This week saw Westminster alumni and guests gather at Imperial College London to celebrate 300 years since Westminster Hospital was founded.
The tercentenary event was devised by a Westminster alumni working party that included Professor Paul Aichroth and Ms Margaret Pollock, and featured a keynote lecture by Dame Clare Marx, Chair of the General Medical Council and former President of the Royal College of Surgeons of England.
Over 240 guests came together to mark three centuries since the first patient was admitted to Westminster Hospital in 1719. They were joined in honouring a shared history by Imperial President, Professor Alice Gast; Chair of Council Sir Philip Dilley; Dean of the Faculty of Medicine, Professor Jonathan Weber; and Head of Imperial College School of Medicine, Mr Martin Lupton.
Celebrating a shared history
Formally founded in 1834, Westminster Medical School merged with the Charing Cross Hospital Medical School in 1984, before becoming part of the formation of Imperial College School of Medicine in 1997.
Professor Weber said: “This is an historic 300th anniversary of the Westminster Hospital. The earliest hospitals in London were the 12th century monastic foundations at St Bartholomew’s and St Thomas’. The Westminster was the first hospital in London to be established since the Reformation and the first ever to be established as a charitable foundation. It has been training doctors since at least 1734, and we want our Imperial College School of Medicine to both celebrate and continue to remember our distinguished origins.”
Martin Lupton added: “It is vital that we look to our history to help us understand where we need to go in the future.

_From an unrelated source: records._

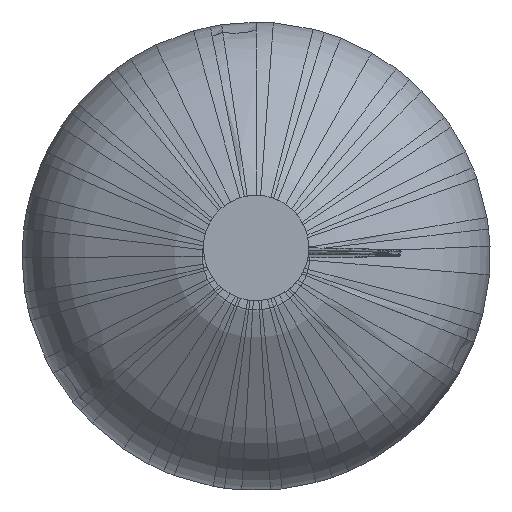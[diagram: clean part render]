
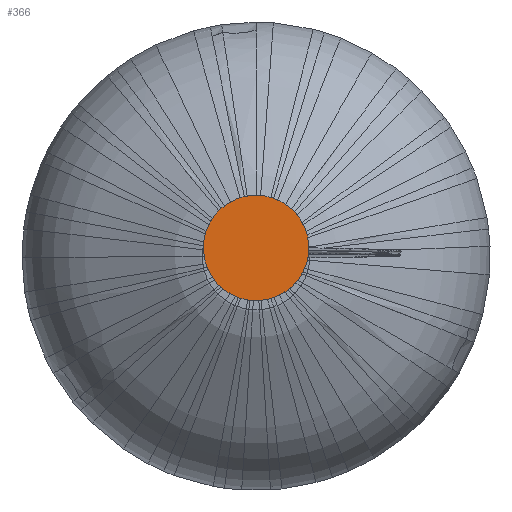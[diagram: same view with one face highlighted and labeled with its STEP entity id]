
A CAD part, top view. The second image highlights one B-rep face of the part: STEP entity #366.
In plain terms, the highlighted planar face has unit normal (0, 0, 1).
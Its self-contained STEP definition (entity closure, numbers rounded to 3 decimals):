
#104=TRIMMED_CURVE($,#215,(#3619),(#3620),.T.,.CARTESIAN.);
#106=TRIMMED_CURVE($,#217,(#3629),(#3630),.T.,.CARTESIAN.);
#215=CIRCLE('',#2029,45.);
#217=CIRCLE('',#2031,45.);
#366=ADVANCED_FACE('',(#481),#1824,.T.);
#481=FACE_OUTER_BOUND('',#596,.T.);
#596=EDGE_LOOP('',(#746,#747));
#746=ORIENTED_EDGE('',*,*,#1236,.T.);
#747=ORIENTED_EDGE('',*,*,#1232,.F.);
#1232=EDGE_CURVE('',#1645,#1646,#104,.T.);
#1236=EDGE_CURVE('',#1645,#1646,#106,.T.);
#1645=VERTEX_POINT('',#3614);
#1646=VERTEX_POINT('',#3615);
#1824=PLANE('',#2026);
#2026=AXIS2_PLACEMENT_3D('',#3611,#2194,$);
#2029=AXIS2_PLACEMENT_3D($,#3618,#2197,#2198);
#2031=AXIS2_PLACEMENT_3D($,#3628,#2201,#2202);
#2194=DIRECTION('',(0.,0.,1.));
#2197=DIRECTION('',(0.,0.,-1.));
#2198=DIRECTION('',(0.999,0.032,0.));
#2201=DIRECTION('',(0.,0.,1.));
#2202=DIRECTION('',(0.999,0.032,0.));
#3611=CARTESIAN_POINT('',(150.437,245.864,4451.229));
#3614=CARTESIAN_POINT('',(244.872,200.976,4451.229));
#3615=CARTESIAN_POINT('',(154.919,198.056,4451.229));
#3618=CARTESIAN_POINT('',(199.895,199.516,4451.229));
#3619=CARTESIAN_POINT('',(244.872,200.976,4451.229));
#3620=CARTESIAN_POINT('',(154.919,198.056,4451.229));
#3628=CARTESIAN_POINT('',(199.895,199.516,4451.229));
#3629=CARTESIAN_POINT('',(244.872,200.976,4451.229));
#3630=CARTESIAN_POINT('',(154.919,198.056,4451.229));

Today our students still feel viscerally connected to the schools and alumni that came together to form our School of Medicine.”
Leadership in medicine and surgery
Addressing assembled alumni and guests, Dame Clare Marx said: “It’s a real pleasure to be here this afternoon as we mark 300 years of the Westminster Hospital. The knowledge and skills I developed there, and the friendships and support of those with whom I shared those very happy years transformed my life and acted as a platform from which I could spring into my future career.”
Talking about the importance of investing more attention, time and resource in developing the clinical leaders of today and tomorrow, Dame Clare said: “Both as a doctor and an associate medical director, I have experienced first hand the fundamental difference that well-led clinical environments make to the quality of care.
“Where clinicians are supported to become and to remain good doctors, where unprofessional behaviours are challenged and changed, and where doctors are encouraged to be leaders, patient safety is better.”